SUMMARY: HIV/HCV coinfected individuals who experience an end-of-treatment response to interferon-based therapy for chronic hepatitis C virus (HCV) infection had a greatly reduced risk of liver decompensation and liver-related death, even if they did not go on to achieve sustained virological response, according to a Spanish study presented at the 50th Interscience Conference on Antimicrobial Agents and Chemotherapy (ICAAC 2010) last week in Boston.

By Liz Highleyman

Juan Berenguer and fellow investigators with the GESIDA 3603 Cohort Study Group looked at the impact of end-of-treatment response (ETR), or undetectable HCV viral load at the completion of therapy, on liver-related outcomes among study participants who did not go on to achieve sustained virological response (SVR), or continued undetectable HCV RNA at 24 weeks after the end of treatment (considered a cure).

Previous research has shown that sustained response to pegylated interferon plus ribavirin reduces liver-related complications such as decompensation (liver failure) and liver-related death among coinfected patients, the researchers noted as background, but the effects of end-of-treatment response without SVR are not well known.

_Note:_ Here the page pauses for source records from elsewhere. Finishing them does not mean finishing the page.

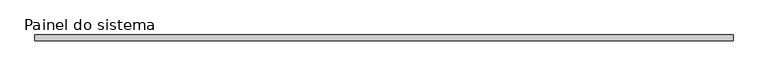
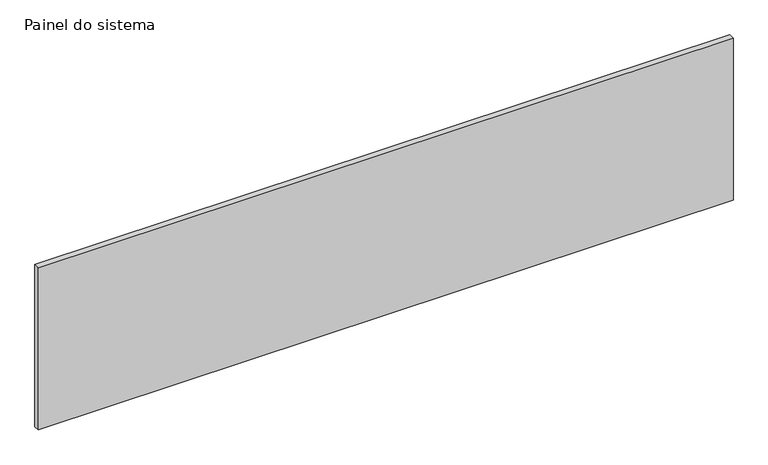
"""IFC4 building model written with IfcOpenShell, lengths in millimetres: plate geometry, Painel do sistema : Envidraçado."""

from ifc_helpers import new_model, si_unit, origin, origin_with_axes, place, context, project, spatial, polyline, outline, extrude, source, transform, mapped, element, save


def painel_do_sistema_bf426e09(model_context):
    return source(origin(), model_context, "Body", "SweptSolid", [
        extrude(outline(polyline([(1475.0, 24.5), (-1475.0, 24.5), (-1475.0, 49.5), (1475.0, 49.5), (1475.0, 24.5)])), origin_with_axes(), (0.0, 0.0, 1.0), 727.4383788),
    ])


if __name__ == "__main__":
    model = new_model("IFC4")
    model_context = context("Model", 3, world=origin())
    ifc_project = project(units=[si_unit("LENGTHUNIT", "METRE", prefix="MILLI")], contexts=[model_context])
    site = spatial("IfcSite", under=ifc_project)
    building = spatial("IfcBuilding", under=site)
    placement = place(None, origin())
    painel_do_sistema_shape = painel_do_sistema_bf426e09(model_context)
    element("IfcPlate", 1, ObjectType="Painel do sistema : Envidraçado", at=placement, inside=building, context=model_context, shape_type="MappedRepresentation", body=[
        mapped(painel_do_sistema_shape, transform((0.0, 0.0, 0.0), x_axis=(1.0, 0.0, 0.0), y_axis=(0.0, 1.0, 0.0), z_axis=(0.0, 0.0, 1.0))),
    ])
    save(model, "model.ifc")

# Revit data of these elements
# Type "Painel do sistema : Envidraçado"
#   Construction Type Id = "GSP4R"
#   Analytic Construction = "Vidraça única Pilkington 1/8 pol"
#   Visual Light Transmittance = 0.9
#   Solar Heat Gain Coefficient = 0.86
#   Heat Transfer Coefficient (U) = 6.7069 W/(m²·K)
# Element 1 (IfcPlate, "Painel do sistema : Envidraçado")
#   Materials on its faces: "Vidro"
# Materials
#   "Vidro": class "Vidro", colour RGB 0 128 192, transparency 0.9, Description = "Vidro de sílica", Cost = 0

The present analysis looked at 1428 HIV/HCV coinfected participants in the GESIDA 3603 Cohort who were treated with pegylated interferon/ribavirin at 9 centers in Spain. Observation started at the conclusion of treatment and continued until death or the last follow-up visit. The median follow-up period was about 4 years.

Results

	Among the total 1428 study participants:
	697 (48.9%) were non-responders (median 49 months of follow-up); 211 (14.8%) achieved end-of-treatment response but not sustained response (median 47 months of follow-up); 520 (36.4%) were sustained responders (median 47 months of follow-up).
	Patients with ETR and those with SVR had a similar risk of liver-related death, which was significantly lower than that of non-responders:
	ETR patients: 1 death (0.5%); SVR patients: 2 deaths (0.4%); Non-responders: 35 deaths (5.0%).
	Patients in the ETR group had a significantly higher rate of liver decompensation than sustained responders, but this was again significantly lower than the non-responder rate:
	ETR patients: 9 cases (4.3%); SVR patients: 2 cases (0.4%); Non-responders: 35 cases (11.0%).
	In a multivariate analysis, both ETR and SVR were significantly associated with reduced risk of liver-related events (decompensation, liver cancer, liver transplant, or liver-related death), after adjusting for age, sex, risk group, HIV disease stage, lowest-ever CD4 cell count, HCV genotype and viral load, and fibrosis stage:
	ETR: adjusted hazard ratio of 0.4 relative to non-response; SVR: adjusted hazard ratio of 0.8 relative to non-response.

Based on these findings, the investigators concluded, the best outcomes were achieved among patients who achieved SVR, but ETR was associated with less liver-related mortality and decompensation than non-response.

Hosp Gregorio Maranon, Madrid, Spain; Hosp La Paz, Madrid, Spain; Hosp Vall d'Hebron, Barcelona, Spain; Hosp Clínico de San Carlos, Madrid, Spain; Hosp. Univ. Rio de Guadalajara, Guadalajara, Spain; Hosp Severo Ochoa, Madrid, Spain; Hosp. de Getafe, Getafe, Spain; Fundación SEIMC GESIDA, Madrid, Spain.

9/21/10

Reference
J Berenguer, J Alvarez Pellicer, P Miralles, and others (Gesida 3603 Cohort Study Group). Clinical Consequences of Achieving End of Treatment Response (ETR) but not Sustained Virologic Response (SVR) to Interferon Plus Ribavirin (IF-RB) in HIV/HCV-Coinfected Patients. 50th Interscience Conference on Antimicrobial Agents and Chemotherapy (ICAAC 2010). Boston, September 12-15, 2010. (Abstract V-1784).